Avete presente la terribile e fastidiosissima sensazione della lingua che batte dove c'è un residuo di cibo incastrato tra premolare e molare? Fastidiosa, per l'appunto. Eppure basta prendere un po' di filo interdentale, passarlo et voilà, la scocciatura viene mandata via. Purtroppo non è sempre così semplice liberarsi dei fastidi...
Un altro fastidio è causato dalla premura nel dover comunicare qualcosa. Premura impellente...
Inutile nascondersi dietro uno di quei tovagliolini (inutili anch'essi) che hanno i panifici, coi quali non puoi sperare di poter nettare il tuo musetto, e non devi sperarlo. Vi comunico con enorme fastidio e con impellente premura che sì, sono una persona empatica. ["εμπαθεια" -> en-, "dentro", e pathos, "sofferenza o sentimento"], non si direbbe, ma sono una persona empatica. Dovrei smetterla, è un vizio maledetto. L'empatia nutre la mia ipocondria, in un circolo vizioso che pure dopo aver smesso di accarezzarlo rimane vizioso. L'ho viziato.
Per di più l'altra sera Anoobi mi ha chiesto questo:


e mi è saltata alla mente una canzone dei Daft Punk.
Sono umana? Sono ancora umana oppure questa empatia è solo qualche strascico di sovrastrutture civili?
Non è un caso che ci siano tutti questi segnali che portino allo stesso punto. Sabato scorso mi sono trovata faccia a faccia con una serie di determinate categorie di umani ossessionati e nevrotici; risultato? La mia squallida empatia mi ha detto di riconoscermi nel 90% delle tipologie presentate (ma ho anche io una dignità da qualche parte, va bene tutto ma almeno la sindrome da crocerossina non è contemplata). No ma grazie, davvero.
L'empatia, nonostante tutto, a volte riesco a soffocarla... Mi capita con le mie amiche, o in generale con personaggi dalle abitudini femminili: 
- bla bla bla e lui mi ha detto bla bla bla e io gli ho detto e bla bla bla...
Io metto in modalità stand by, come quei vecchi videoregistratori, e annuisco (di solito funziona finché non mi chiedono un parere). Nella mia testa intanto, altro che suoni da risacca marina, c'è una simpatica scimmietta coi piatti - SBLENG SBLENG SBLENG - che strani questi piatti che suonano come una chitarra scordata. Non lo faccio perché sono una brutta persona (non solo per quello), è che ho una soglia di resistenza alle stronzate proprio molto bassa. E ogni anno che passa si assottiglia sempre più. Dare la colpa al dottor Sheldon Cooper non mi renderà più simpatica, vero?
La mia è solo una tecnica per ovviare a questo problema che affligge anche me: io sto usando un sacco di bla bla bla. Però innanzitutto non vi faccio domande ex abrupto, causando aritmie e sudori freddi; secondariamente potete saltare questo mio bla bla bla e scorrere con la vostra amica-rondellina-del-mouse fino alla ricetta. Cioè fino a qua.


Ingredienti: 
per la parte superiore
4 uova (2 intere 2 tuorli)
100 gr. di zucchero
400 gr. di Philadelphia
2 bustine di vanillina


per il brownie

300 g. di cioccolato fondente
200 g. di burro
6 uova
200 g. di zucchero
150 g. di farina

Per il brownie: mettete il cioccolato e il burro a sciogliere a bagno maria. Ogni tanto controllatene lo stato. Intanto sbattete le uova con lo zucchero, fino ad ottenere un composto chiaro e gonfio (usate le fruste elettriche, non fate gli eroi, pensate alla vostra famiglia); aggiungete il cioccolato ed il burro sciolti a bagnomaria e la farina.

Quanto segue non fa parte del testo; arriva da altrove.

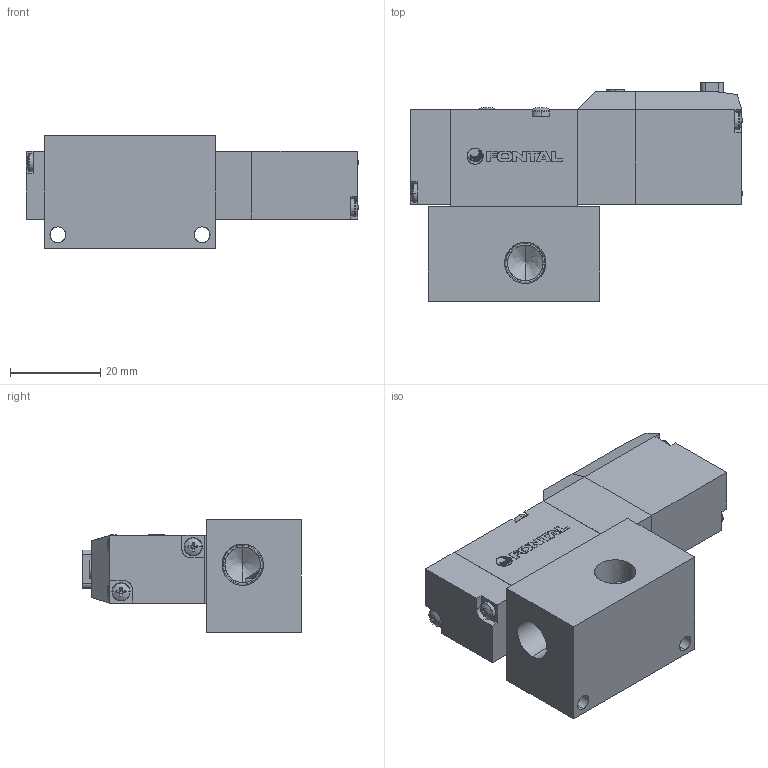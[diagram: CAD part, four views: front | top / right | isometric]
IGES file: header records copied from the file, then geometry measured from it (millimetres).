
Start section: SolidWorks IGES file using analytic representation for surfaces
Global section: file name: C:\Users\Sam Lin\Desktop\PCS245#-01-#-L-#.IGS; native system: SolidWorks 2013; preprocessor: SolidWorks 2013; author: Sam Lin; date: 150805.140448; units: metre
Bounding box: 73.64 x 48.5 x 25 mm (x, y, z)
Surface area: 17028.8 mm2 (no closed solid volume)
Topology: 0 solids, 0 shells, 499 faces, 4815 edges, 4761 vertices
Faces by surface type: bspline 312, revolution 187
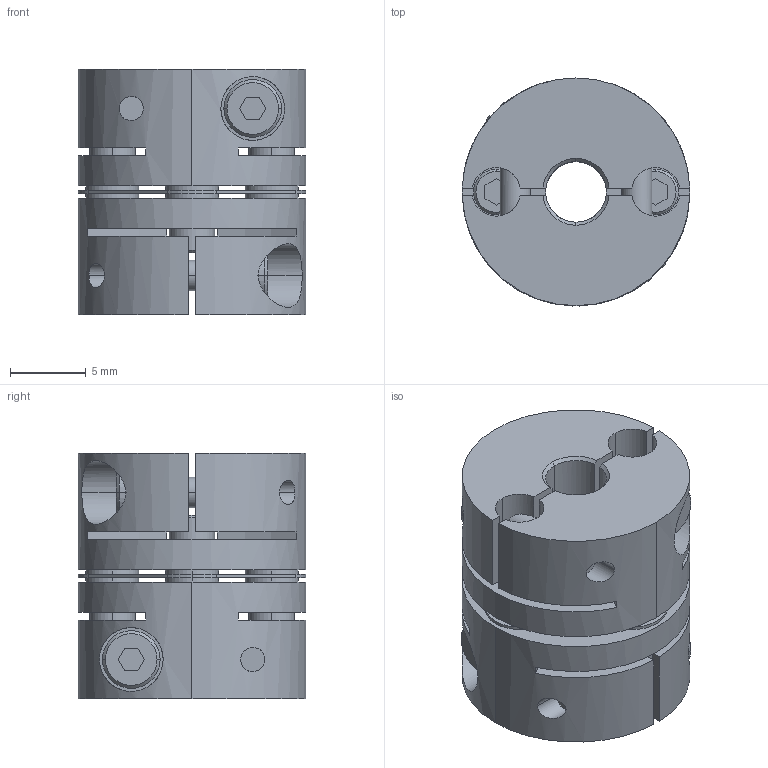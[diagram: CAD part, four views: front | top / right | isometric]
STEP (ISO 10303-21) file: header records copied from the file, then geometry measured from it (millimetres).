
FILE_DESCRIPTION((''),'2;1');
FILE_NAME('LAS-15C-4×4.stp','2011-08-09T14:19:13',(''),(''),'AutoCAD STEP 2000i','AutoCAD 2000i',', , ');
FILE_SCHEMA(('CONFIG_CONTROL_DESIGN'));
Length unit declared in the file: millimetre
Products named in the file (5): LAS-15C-3×3; 忣兜1; LA-1502-D03-1; LA-1502-D03; LAS15-ITA
Assembly tree (4 placements, depth 2):
  LAS-15C-3×3
    忣兜1
    LA-1502-D03-1
    LA-1502-D03
    LAS15-ITA
Bounding box: 15 x 15 x 16.2 mm (x, y, z)
Volume: 2214.8 mm3; surface area: 2705.9 mm2
Topology: 1 solids, 1 shells, 236 faces, 624 edges, 408 vertices
Faces by surface type: plane 112, cylinder 96, cone 28
Entity records: 8155 total; most frequent: CARTESIAN_POINT 1961, DIRECTION 1302, ORIENTED_EDGE 1248, EDGE_CURVE 624, AXIS2_PLACEMENT_3D 477, VERTEX_POINT 408, VECTOR 348, LINE 348
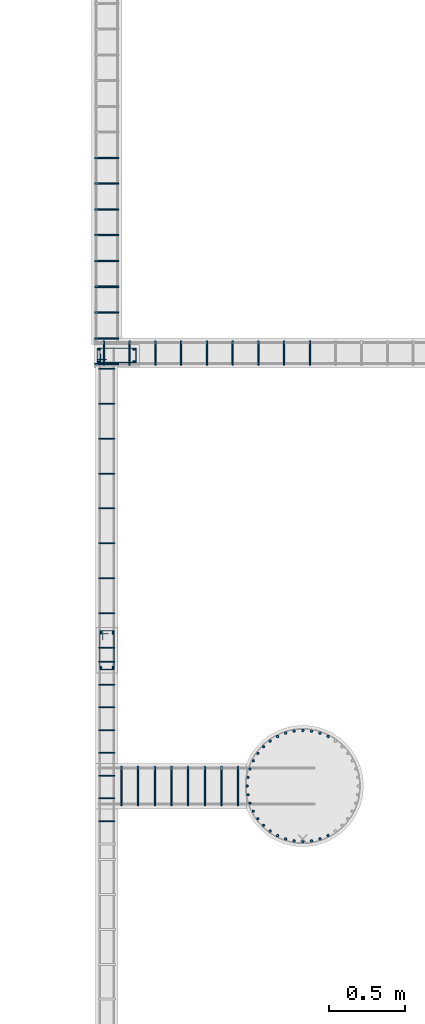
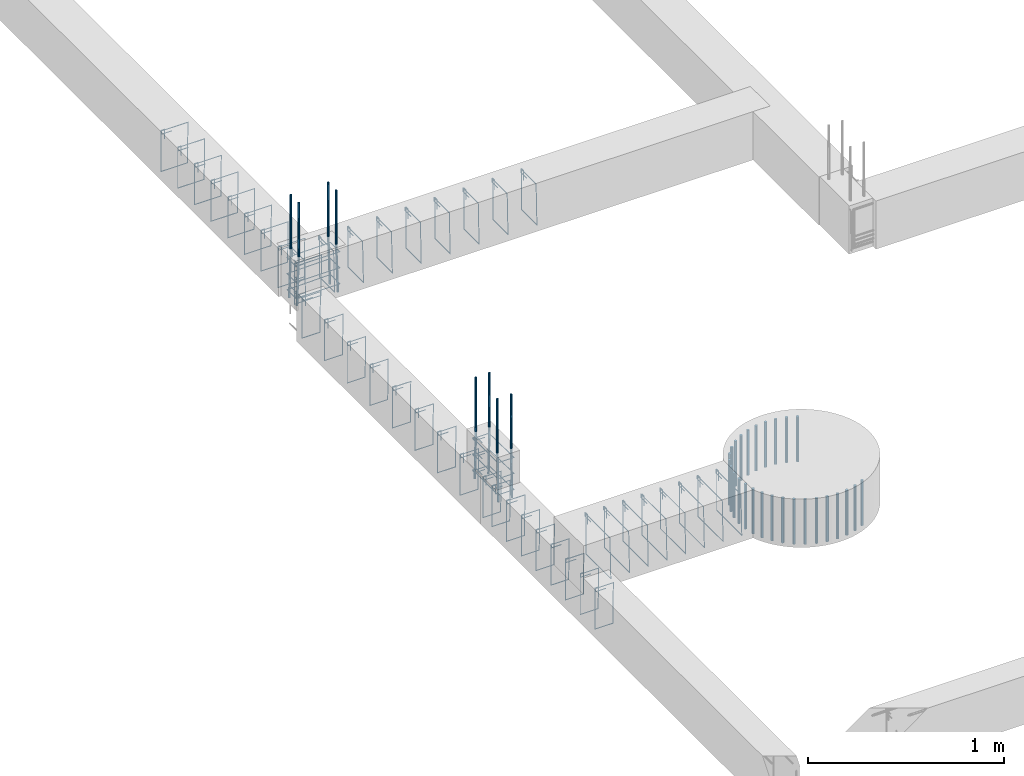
# One storey, part 39 of 150: 84 reinforcing bars.
"""IFC4 building model written with IfcOpenShell, lengths in centimetres."""

from ifc_helpers import new_model, entity, si_unit, derived_unit, frame, origin_with_axes, place, context, project, spatial, source, transform, mapped, element, save


model = new_model("IFC4")

# Units and contexts
model_context = context("Model", 3, precision=1e-05, world=origin_with_axes(), identifier="Body")
ifc_project = project(units=[si_unit("LENGTHUNIT", "METRE", prefix="CENTI"), si_unit("VOLUMEUNIT", "CUBIC_METRE"), si_unit("AREAUNIT", "SQUARE_METRE"), si_unit("POWERUNIT", "WATT"), si_unit("LUMINOUSFLUXUNIT", "LUMEN"), si_unit("ELECTRICCURRENTUNIT", "AMPERE"), si_unit("PRESSUREUNIT", "PASCAL", prefix="KILO"), si_unit("MASSUNIT", "GRAM", prefix="KILO"), si_unit("PLANEANGLEUNIT", "RADIAN"), derived_unit("VOLUMETRICFLOWRATEUNIT", [(si_unit("LENGTHUNIT", "METRE"), 3), (si_unit("TIMEUNIT", "SECOND"), -1)])], contexts=[model_context])

# Site, building, storey
site_placement = place(None, frame((-4000.0, 0.0, 0.0), z_axis=(0.0, 0.0, 1.0), x_axis=(1.0, 0.0, 0.0)))
site = spatial("IfcSite", under=ifc_project, at=site_placement, Name="PADRÃO")
building_placement = place(site_placement, frame((0.0, 0.0, -14.0)))
building = spatial("IfcBuilding", under=site, at=building_placement, Name="CRECHE PRÉ-ESCOLA TIPO 2")
placement = place(building_placement, origin_with_axes())
storey_placement = place(placement, frame((0.0, 0.0, 30.0), z_axis=(0.0, 0.0, 1.0), x_axis=(1.0, 0.0, 0.0)))
storey = spatial("IfcBuildingStorey", under=building, at=storey_placement, Name="VIGA BALDRAME", CompositionType="ELEMENT", Elevation=16.0)

# Reinforcing bars
shared_shape_1 = source(origin_with_axes(), model_context, "Body", "AdvancedSweptSolid", [
    entity("IfcSweptDiskSolid", entity("IfcCompositeCurve", [entity("IfcCompositeCurveSegment", "CONTINUOUS", True, entity("IfcPolyline", [entity("IfcCartesianPoint", [4.25, 21.75, 0.0]), entity("IfcCartesianPoint", [4.25, 27.75, 0.0])])), entity("IfcCompositeCurveSegment", "CONTINUOUS", True, entity("IfcPolyline", [entity("IfcCartesianPoint", [4.25, 27.75, 0.0]), entity("IfcCartesianPoint", [2.25, 27.75, 0.0])])), entity("IfcCompositeCurveSegment", "CONTINUOUS", True, entity("IfcPolyline", [entity("IfcCartesianPoint", [2.25, 27.75, 0.0]), entity("IfcCartesianPoint", [2.25, 2.25, 0.0])])), entity("IfcCompositeCurveSegment", "CONTINUOUS", True, entity("IfcPolyline", [entity("IfcCartesianPoint", [2.25, 2.25, 0.0]), entity("IfcCartesianPoint", [11.75, 2.25, 0.0])])), entity("IfcCompositeCurveSegment", "CONTINUOUS", True, entity("IfcPolyline", [entity("IfcCartesianPoint", [11.75, 2.25, 0.0]), entity("IfcCartesianPoint", [11.75, 27.75, -0.5])])), entity("IfcCompositeCurveSegment", "CONTINUOUS", True, entity("IfcPolyline", [entity("IfcCartesianPoint", [11.75, 27.75, -0.5]), entity("IfcCartesianPoint", [2.25, 27.75, -0.5])])), entity("IfcCompositeCurveSegment", "CONTINUOUS", True, entity("IfcPolyline", [entity("IfcCartesianPoint", [2.25, 27.75, -0.5]), entity("IfcCartesianPoint", [2.25, 25.75, -0.5])])), entity("IfcCompositeCurveSegment", "CONTINUOUS", True, entity("IfcPolyline", [entity("IfcCartesianPoint", [2.25, 25.75, -0.5]), entity("IfcCartesianPoint", [8.25, 25.75, -0.5])]))], False), 0.25),
])
for number, where, z_axis, x_axis, name in (
    (1, (2248.98, 304.02, -25.0), (0.0, 0.0, 1.0), (1.0, 0.0, 0.0), "P150 - Estribo"),
    (2, (2248.98, 304.02, -15.0), (0.0, 0.0, 1.0), (1.0, 0.0, 0.0), "P150 - Estribo"),
    (3, (2248.98, 304.02, -5.0), (0.0, 0.0, 1.0), (1.0, 0.0, 0.0), "P150 - Estribo"),
):
    element("IfcReinforcingBar", number, at=place(storey_placement, frame(where, z_axis=z_axis, x_axis=x_axis)), inside=storey, Name=name, BarLength=0.0, CrossSectionArea=1.9634954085e-05, NominalDiameter=0.5, PredefinedType="MAIN", context=model_context, shape_type="MappedRepresentation", body=[
        mapped(shared_shape_1, transform((0.0, 0.0, 0.0), scale=1.0)),
    ])
shared_shape_2 = source(origin_with_axes(), model_context, "Body", "AdvancedSweptSolid", [
    entity("IfcSweptDiskSolid", entity("IfcCompositeCurve", [entity("IfcCompositeCurveSegment", "CONTINUOUS", True, entity("IfcPolyline", [entity("IfcCartesianPoint", [4.25, 21.75, 0.0]), entity("IfcCartesianPoint", [4.25, 27.75, 0.0])])), entity("IfcCompositeCurveSegment", "CONTINUOUS", True, entity("IfcPolyline", [entity("IfcCartesianPoint", [4.25, 27.75, 0.0]), entity("IfcCartesianPoint", [2.25, 27.75, 0.0])])), entity("IfcCompositeCurveSegment", "CONTINUOUS", True, entity("IfcPolyline", [entity("IfcCartesianPoint", [2.25, 27.75, 0.0]), entity("IfcCartesianPoint", [2.25, 2.25, 0.0])])), entity("IfcCompositeCurveSegment", "CONTINUOUS", True, entity("IfcPolyline", [entity("IfcCartesianPoint", [2.25, 2.25, 0.0]), entity("IfcCartesianPoint", [11.75, 2.25, 0.0])])), entity("IfcCompositeCurveSegment", "CONTINUOUS", True, entity("IfcPolyline", [entity("IfcCartesianPoint", [11.75, 2.25, 0.0]), entity("IfcCartesianPoint", [11.75, 27.75, -0.5])])), entity("IfcCompositeCurveSegment", "CONTINUOUS", True, entity("IfcPolyline", [entity("IfcCartesianPoint", [11.75, 27.75, -0.5]), entity("IfcCartesianPoint", [2.25, 27.75, -0.5])])), entity("IfcCompositeCurveSegment", "CONTINUOUS", True, entity("IfcPolyline", [entity("IfcCartesianPoint", [2.25, 27.75, -0.5]), entity("IfcCartesianPoint", [2.25, 25.75, -0.5])])), entity("IfcCompositeCurveSegment", "CONTINUOUS", True, entity("IfcPolyline", [entity("IfcCartesianPoint", [2.25, 25.75, -0.5]), entity("IfcCartesianPoint", [8.25, 25.75, -0.5])]))], False), 0.25),
])
for number, where, z_axis, x_axis, name in (
    (4, (2277.48, 506.52, -5.0), (0.0, 0.0, 1.0), (0.0, 1.0, 0.0), "P139 - Estribo"),
    (5, (2277.48, 506.52, -15.0), (0.0, 0.0, 1.0), (0.0, 1.0, 0.0), "P139 - Estribo"),
    (6, (2277.48, 506.52, -25.0), (0.0, 0.0, 1.0), (0.0, 1.0, 0.0), "P139 - Estribo"),
):
    element("IfcReinforcingBar", number, at=place(storey_placement, frame(where, z_axis=z_axis, x_axis=x_axis)), inside=storey, Name=name, BarLength=0.0, CrossSectionArea=1.9634954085e-05, NominalDiameter=0.5, PredefinedType="MAIN", context=model_context, shape_type="MappedRepresentation", body=[
        mapped(shared_shape_2, transform((0.0, 0.0, 0.0), scale=1.0)),
    ])
shared_shape_3 = source(origin_with_axes(), model_context, "Body", "AdvancedSweptSolid", [
    entity("IfcSweptDiskSolid", entity("IfcCompositeCurve", [entity("IfcCompositeCurveSegment", "CONTINUOUS", True, entity("IfcPolyline", [entity("IfcCartesianPoint", [2.0, -6.0, 0.0]), entity("IfcCartesianPoint", [2.0, 0.0, 0.0])])), entity("IfcCompositeCurveSegment", "CONTINUOUS", True, entity("IfcPolyline", [entity("IfcCartesianPoint", [2.0, 0.0, 0.0]), entity("IfcCartesianPoint", [0.0, 0.0, 0.0])])), entity("IfcCompositeCurveSegment", "CONTINUOUS", True, entity("IfcPolyline", [entity("IfcCartesianPoint", [0.0, 0.0, 0.0]), entity("IfcCartesianPoint", [0.0, -25.5, 0.0])])), entity("IfcCompositeCurveSegment", "CONTINUOUS", True, entity("IfcPolyline", [entity("IfcCartesianPoint", [0.0, -25.5, 0.0]), entity("IfcCartesianPoint", [15.5, -25.5, 0.0])])), entity("IfcCompositeCurveSegment", "CONTINUOUS", True, entity("IfcPolyline", [entity("IfcCartesianPoint", [15.5, -25.5, 0.0]), entity("IfcCartesianPoint", [15.5, 0.0, 0.5])])), entity("IfcCompositeCurveSegment", "CONTINUOUS", True, entity("IfcPolyline", [entity("IfcCartesianPoint", [15.5, 0.0, 0.5]), entity("IfcCartesianPoint", [0.0, 0.0, 0.5])])), entity("IfcCompositeCurveSegment", "CONTINUOUS", True, entity("IfcPolyline", [entity("IfcCartesianPoint", [0.0, 0.0, 0.5]), entity("IfcCartesianPoint", [0.0, -2.0, 0.5])])), entity("IfcCompositeCurveSegment", "CONTINUOUS", True, entity("IfcPolyline", [entity("IfcCartesianPoint", [0.0, -2.0, 0.5]), entity("IfcCartesianPoint", [6.0, -2.0, 0.5])]))], False), 0.25),
])
for number, where, z_axis, x_axis, name in (
    (7, (2288.24, 522.77, -2.25), (-1.0, 0.0, 0.0), (0.0, -1.0, 0.0), "V151 - Estribo"),
    (8, (2322.24, 522.77, -2.25), (-1.0, 0.0, 0.0), (0.0, -1.0, 0.0), "V151 - Estribo"),
    (9, (2305.24, 522.77, -2.25), (-1.0, 0.0, 0.0), (0.0, -1.0, 0.0), "V151 - Estribo"),
    (10, (2356.24, 522.77, -2.25), (-1.0, 0.0, 0.0), (0.0, -1.0, 0.0), "V151 - Estribo"),
    (11, (2373.24, 522.77, -2.25), (-1.0, 0.0, 0.0), (0.0, -1.0, 0.0), "V151 - Estribo"),
    (12, (2390.24, 522.77, -2.25), (-1.0, 0.0, 0.0), (0.0, -1.0, 0.0), "V151 - Estribo"),
    (13, (2254.24, 522.77, -2.25), (-1.0, 0.0, 0.0), (0.0, -1.0, 0.0), "V151 - Estribo"),
    (14, (2339.24, 522.77, -2.25), (-1.0, 0.0, 0.0), (0.0, -1.0, 0.0), "V151 - Estribo"),
    (15, (2271.24, 522.77, -2.25), (-1.0, 0.0, 0.0), (0.0, -1.0, 0.0), "V151 - Estribo"),
):
    element("IfcReinforcingBar", number, at=place(storey_placement, frame(where, z_axis=z_axis, x_axis=x_axis)), inside=storey, Name=name, BarLength=0.0, CrossSectionArea=1.9634954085e-05, NominalDiameter=0.5, PredefinedType="MAIN", context=model_context, shape_type="MappedRepresentation", body=[
        mapped(shared_shape_3, transform((0.0, 0.0, 0.0), scale=1.0)),
    ])
shared_shape_4 = source(origin_with_axes(), model_context, "Body", "AdvancedSweptSolid", [
    entity("IfcSweptDiskSolid", entity("IfcCompositeCurve", [entity("IfcCompositeCurveSegment", "CONTINUOUS", True, entity("IfcPolyline", [entity("IfcCartesianPoint", [2.0, -6.0, 0.0]), entity("IfcCartesianPoint", [2.0, 0.0, 0.0])])), entity("IfcCompositeCurveSegment", "CONTINUOUS", True, entity("IfcPolyline", [entity("IfcCartesianPoint", [2.0, 0.0, 0.0]), entity("IfcCartesianPoint", [0.0, 0.0, 0.0])])), entity("IfcCompositeCurveSegment", "CONTINUOUS", True, entity("IfcPolyline", [entity("IfcCartesianPoint", [0.0, 0.0, 0.0]), entity("IfcCartesianPoint", [0.0, -25.5, 0.0])])), entity("IfcCompositeCurveSegment", "CONTINUOUS", True, entity("IfcPolyline", [entity("IfcCartesianPoint", [0.0, -25.5, 0.0]), entity("IfcCartesianPoint", [15.5, -25.5, 0.0])])), entity("IfcCompositeCurveSegment", "CONTINUOUS", True, entity("IfcPolyline", [entity("IfcCartesianPoint", [15.5, -25.5, 0.0]), entity("IfcCartesianPoint", [15.5, 0.0, 0.5])])), entity("IfcCompositeCurveSegment", "CONTINUOUS", True, entity("IfcPolyline", [entity("IfcCartesianPoint", [15.5, 0.0, 0.5]), entity("IfcCartesianPoint", [0.0, 0.0, 0.5])])), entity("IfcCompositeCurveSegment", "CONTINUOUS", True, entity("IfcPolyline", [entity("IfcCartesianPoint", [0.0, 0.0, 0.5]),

Per il cheesecake: in una ciotola, mescolate le uova con lo zucchero, aromatizzate con la vanillina e unite il philadelphia... in questo caso anche un semplice cucchiaio di legno sarà sufficiente. Accendete il forno a 180°.

Stendete il composto al cioccolato in una teglia da 24cm. di lato, coprite con la crema di formaggio (se siete veramente pro create l’effetto marmorizzato, sennò fate come me ed evitate) e cuocete per 25 minuti (comunque dipende dal forno, dai 25 ai 40 minuti, regolatevi).
Sfornate e lasciate raffreddare, quindi mettete in frigorifero per un’oretta

Uno dei più bei commenti ricevuti dopo l'assaggio di questa bomba calorica è stato: sto sudando burro.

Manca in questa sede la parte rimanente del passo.